Former Colombian President Alvaro Uribe is organizing potential candidates to challenge President Juan Manuel Santos‘ power in the legislature ahead of elections in 2014, news network Noticias Uno reported Sunday.
Although Uribe and Santos are both members of the Social Party of National Unity (U Party), rumors have started to circulate that Uribe will create a new party to challenge the sitting president, putting the future of the U Party into question.
U Party Senator Armando Benedetti warned the party may be on the brink of collapse. “U politicians seem like divorced parents. [Members] are not to blame for anything, the people who created the party [have] distanced themselves from us,” Benedetti told newspaper El Colombiano.
Others are not as pessimistic as Benedetti, but most acknowledge that the Santos-Uribe rivalry has put substantial pressure on the party.
“We’re not in crisis, but we are going through a stressful time on which rests the future of the party, and what decisions will be made depends on Uribe’s stance in the elections,” U Party Senator Mauricio Lizcano told El Colombiano.
Although Uribe has not confirmed he will create a new party, his recent meetings with high ranking officials have caused serious speculation in Bogota. The former president met with Senator and U Party president Juan Lozano, the president of Colombia’s cattle association Fedegan Jose Felix Lafaurie, and Uribe’s former Minister of Social Protection Diego Palacio Betancur over the weekend.

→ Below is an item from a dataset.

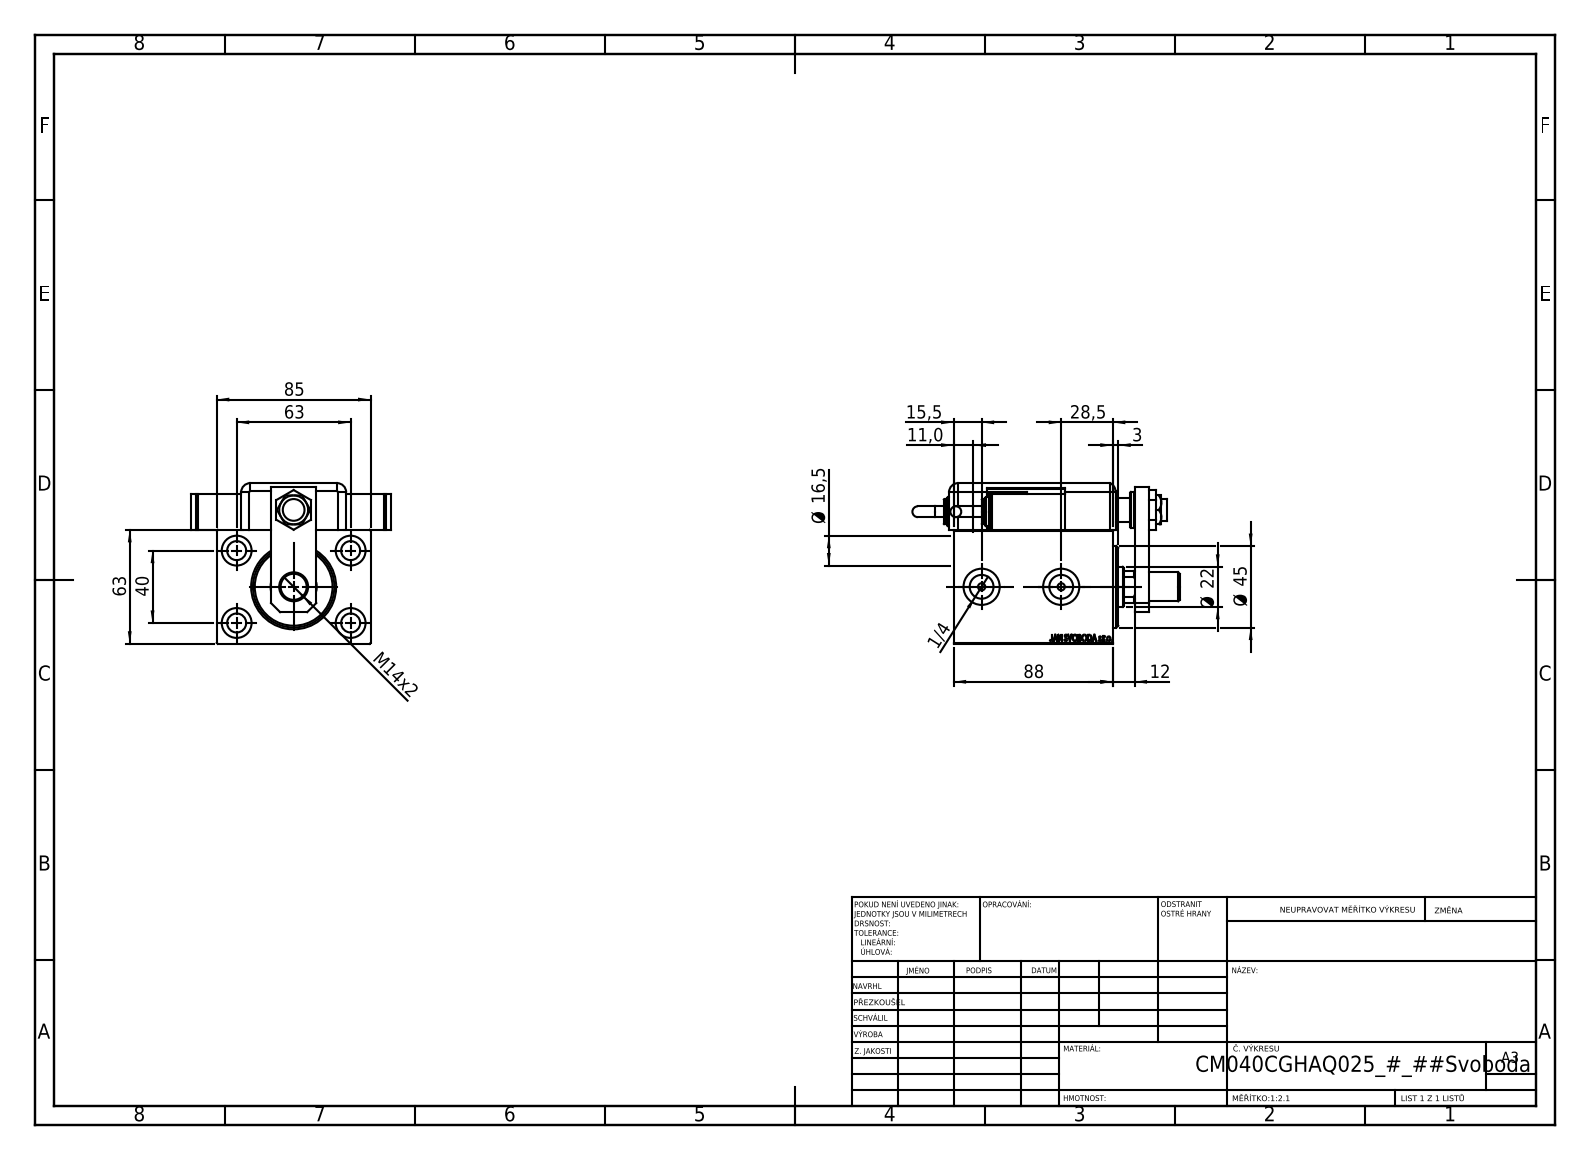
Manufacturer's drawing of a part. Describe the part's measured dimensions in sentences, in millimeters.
The part is named "NUT_D13; NUT_D19; ZARAZKA_Q; SWITCH DIM A_G (+7 more)". Its 3-D file was written by "SolidWorks 2019 (CONFIG_CONTROL_DESIGN)". It is 14 solids with 1260 faces: 618 planar, 119 cylindrical and 523 other. Overall it measures 147.76 by 111 by 88.8 millimeters. Its volume is 547 282 cubic millimeters and its surface area 129 525 square millimeters. Round holes: 4 of diameter 4, 4 of diameter 10.5, 4 of diameter 16.5, 2 of diameter 8, 2 of diameter 13.16, 2 of diameter 14, 2 of diameter 20, 1 of diameter 12, 1 of diameter 12.5, 1 of diameter 13, 1 of diameter 22, 1 of diameter 25.5. Round bosses or shafts: 3 of diameter 20, 3 of diameter 16, 3 of diameter 14, 2 of diameter 6. Partial cylindrical surfaces (rounded edges, fillets, slot ends): 9 of radius 5, 1 of radius 10, 1 of radius 10.5. The main face-to-face distances are 3, 63, 13.5, 12, 85, 83, 10.5, 88, 20, 1.5. The hole center spacings are 37.31, 36.79, 37.86, 38.71, 40, 63, 69.99, 74.63.

Uribe remains very popular both among the electorate and politicians with a recent poll showing 53% of Colombians consider him the best president since 1986, although many of his closest supporters still do not support the splintering of the party.
“Defending the work of President Uribe cannot mean betting on the failure of President Santos. What we are going to keep trying is to restore communication between them, or at least that these differences of opinion can be adjudicated in the party, which is the party of both,” said U Party Senator and former Uribe ally Roy Barreras.
Although Santos was Uribe’s chosen successor, rifts developed between them shortly after Santos took office and the two have not spoken in person for many months.
“The only communication they have is through social networks,” said U Party Senator Juan Carlos Velez, referring to the public debates the two presidents have on the social networking platform Twitter.
There are no concrete numbers on how many party members would abandon the U Party if Uribe creates his own, but 82 U Party senators would have to decide where their loyalties lie and this could drastically alter the course of the upcoming 2014 legislative and presidential elections.